» **Exercise brief**:
Scan the material below and copy every line holding the word "CIRCLE".

» **Task material**:

- - - -

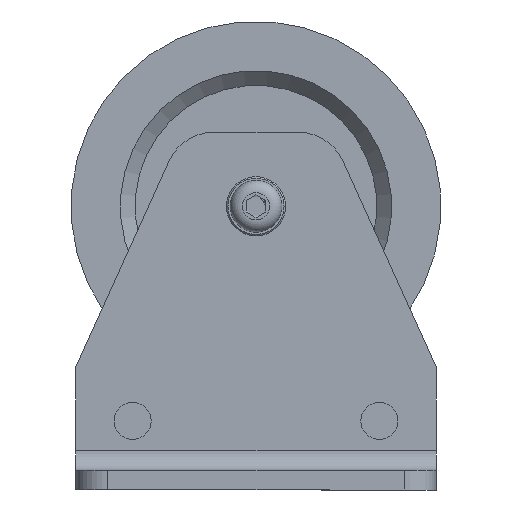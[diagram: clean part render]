
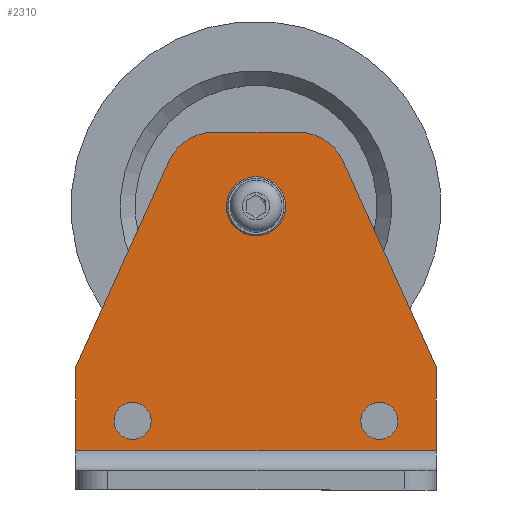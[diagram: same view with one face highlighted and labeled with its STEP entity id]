
A CAD part, front view. The second image highlights one B-rep face of the part: STEP entity #2310.
In plain terms, the highlighted planar face has unit normal (0, -1, 0) as drawn and (0, 0, 1) by its records, which use the part's own axes.
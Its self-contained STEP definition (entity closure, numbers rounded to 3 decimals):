
#213=FACE_BOUND('',#479,.T.);
#214=FACE_BOUND('',#480,.T.);
#215=FACE_BOUND('',#481,.T.);
#275=PLANE('',#2764);
#341=FACE_OUTER_BOUND('',#478,.T.);
#478=EDGE_LOOP('',(#1732,#1733,#1734,#1735,#1736,#1737,#1738,#1739));
#479=EDGE_LOOP('',(#1740));
#480=EDGE_LOOP('',(#1741));
#481=EDGE_LOOP('',(#1742));
#656=LINE('',#3960,#758);
#659=LINE('',#3966,#761);
#667=LINE('',#4000,#769);
#671=LINE('',#4009,#773);
#674=LINE('',#4016,#776);
#675=LINE('',#4018,#777);
#758=VECTOR('',#3164,10.);
#761=VECTOR('',#3169,10.);
#769=VECTOR('',#3203,10.);
#773=VECTOR('',#3213,10.);
#776=VECTOR('',#3222,10.);
#777=VECTOR('',#3225,10.);
#848=CIRCLE('',#2751,7.5);
#849=CIRCLE('',#2753,7.5);
#850=CIRCLE('',#2755,6.3);
#851=CIRCLE('',#2758,20.);
#852=CIRCLE('',#2761,20.);
#1043=VERTEX_POINT('',#3951);
#1044=VERTEX_POINT('',#3955);
#1046=VERTEX_POINT('',#3964);
#1055=VERTEX_POINT('',#3986);
#1056=VERTEX_POINT('',#3990);
#1057=VERTEX_POINT('',#3994);
#1058=VERTEX_POINT('',#3998);
#1059=VERTEX_POINT('',#3999);
#1060=VERTEX_POINT('',#4004);
#1061=VERTEX_POINT('',#4008);
#1062=VERTEX_POINT('',#4012);
#1307=EDGE_CURVE('',#1043,#1044,#656,.T.);
#1310=EDGE_CURVE('',#1046,#1044,#659,.T.);
#1321=EDGE_CURVE('',#1055,#1055,#848,.T.);
#1323=EDGE_CURVE('',#1056,#1056,#849,.T.);
#1325=EDGE_CURVE('',#1057,#1057,#850,.T.);
#1326=EDGE_CURVE('',#1058,#1059,#667,.T.);
#1329=EDGE_CURVE('',#1059,#1060,#851,.T.);
#1331=EDGE_CURVE('',#1060,#1061,#671,.T.);
#1333=EDGE_CURVE('',#1061,#1062,#852,.T.);
#1335=EDGE_CURVE('',#1062,#1046,#674,.T.);
#1336=EDGE_CURVE('',#1043,#1058,#675,.T.);
#1732=ORIENTED_EDGE('',*,*,#1307,.T.);
#1733=ORIENTED_EDGE('',*,*,#1310,.F.);
#1734=ORIENTED_EDGE('',*,*,#1335,.F.);
#1735=ORIENTED_EDGE('',*,*,#1333,.F.);
#1736=ORIENTED_EDGE('',*,*,#1331,.F.);
#1737=ORIENTED_EDGE('',*,*,#1329,.F.);
#1738=ORIENTED_EDGE('',*,*,#1326,.F.);
#1739=ORIENTED_EDGE('',*,*,#1336,.F.);
#1740=ORIENTED_EDGE('',*,*,#1321,.T.);
#1741=ORIENTED_EDGE('',*,*,#1323,.T.);
#1742=ORIENTED_EDGE('',*,*,#1325,.T.);
#2310=ADVANCED_FACE('',(#341,#213,#214,#215),#275,.T.);
#2751=AXIS2_PLACEMENT_3D('',#3988,#3189,#3190);
#2753=AXIS2_PLACEMENT_3D('',#3992,#3194,#3195);
#2755=AXIS2_PLACEMENT_3D('',#3996,#3199,#3200);
#2758=AXIS2_PLACEMENT_3D('',#4005,#3208,#3209);
#2761=AXIS2_PLACEMENT_3D('',#4013,#3217,#3218);
#2764=AXIS2_PLACEMENT_3D('',#4019,#3226,#3227);
#3164=DIRECTION('',(1.,0.,0.));
#3169=DIRECTION('',(0.,-1.,0.));
#3189=DIRECTION('center_axis',(0.,0.,-1.));
#3190=DIRECTION('ref_axis',(-1.,0.,0.));
#3194=DIRECTION('center_axis',(0.,0.,-1.));
#3195=DIRECTION('ref_axis',(-1.,0.,0.));
#3199=DIRECTION('center_axis',(0.,0.,-1.));
#3200=DIRECTION('ref_axis',(-1.,0.,0.));
#3203=DIRECTION('',(0.412,0.911,0.));
#3208=DIRECTION('center_axis',(0.,0.,-1.));
#3209=DIRECTION('ref_axis',(0.,1.,0.));
#3213=DIRECTION('',(1.,0.,0.));
#3217=DIRECTION('center_axis',(0.,0.,-1.));
#3218=DIRECTION('ref_axis',(0.911,0.412,0.));
#3222=DIRECTION('',(0.412,-0.911,0.));
#3225=DIRECTION('',(0.,1.,0.));
#3226=DIRECTION('center_axis',(0.,0.,1.));
#3227=DIRECTION('ref_axis',(1.,0.,0.));
#3951=CARTESIAN_POINT('',(-73.,16.,8.));
#3955=CARTESIAN_POINT('',(73.,16.,8.));
#3960=CARTESIAN_POINT('',(36.5,16.,8.));
#3964=CARTESIAN_POINT('',(73.,50.,8.));
#3966=CARTESIAN_POINT('',(73.,0.,8.));
#3986=CARTESIAN_POINT('',(57.5,28.,8.));
#3988=CARTESIAN_POINT('Origin',(50.,28.,8.));
#3990=CARTESIAN_POINT('',(-42.5,28.,8.));
#3992=CARTESIAN_POINT('Origin',(-50.,28.,8.));
#3994=CARTESIAN_POINT('',(6.3,115.,8.));
#3996=CARTESIAN_POINT('Origin',(0.,115.,8.));
#3998=CARTESIAN_POINT('',(-73.,50.,8.));
#3999=CARTESIAN_POINT('',(-35.32,133.247,8.));
#4000=CARTESIAN_POINT('',(-35.32,133.247,8.));
#4004=CARTESIAN_POINT('',(-17.099,145.,8.));
#4005=CARTESIAN_POINT('Origin',(-17.099,125.,8.));
#4008=CARTESIAN_POINT('',(17.099,145.,8.));
#4009=CARTESIAN_POINT('',(17.099,145.,8.));
#4012=CARTESIAN_POINT('',(35.32,133.247,8.));
#4013=CARTESIAN_POINT('Origin',(17.099,125.,8.));
#4016=CARTESIAN_POINT('',(73.,50.,8.));
#4018=CARTESIAN_POINT('',(-73.,50.,8.));
#4019=CARTESIAN_POINT('Origin',(0.,60.247,8.));

- - - -

» **Worked solution**:
#848=CIRCLE('',#2751,7.5);
#849=CIRCLE('',#2753,7.5);
#850=CIRCLE('',#2755,6.3);
#851=CIRCLE('',#2758,20.);
#852=CIRCLE('',#2761,20.);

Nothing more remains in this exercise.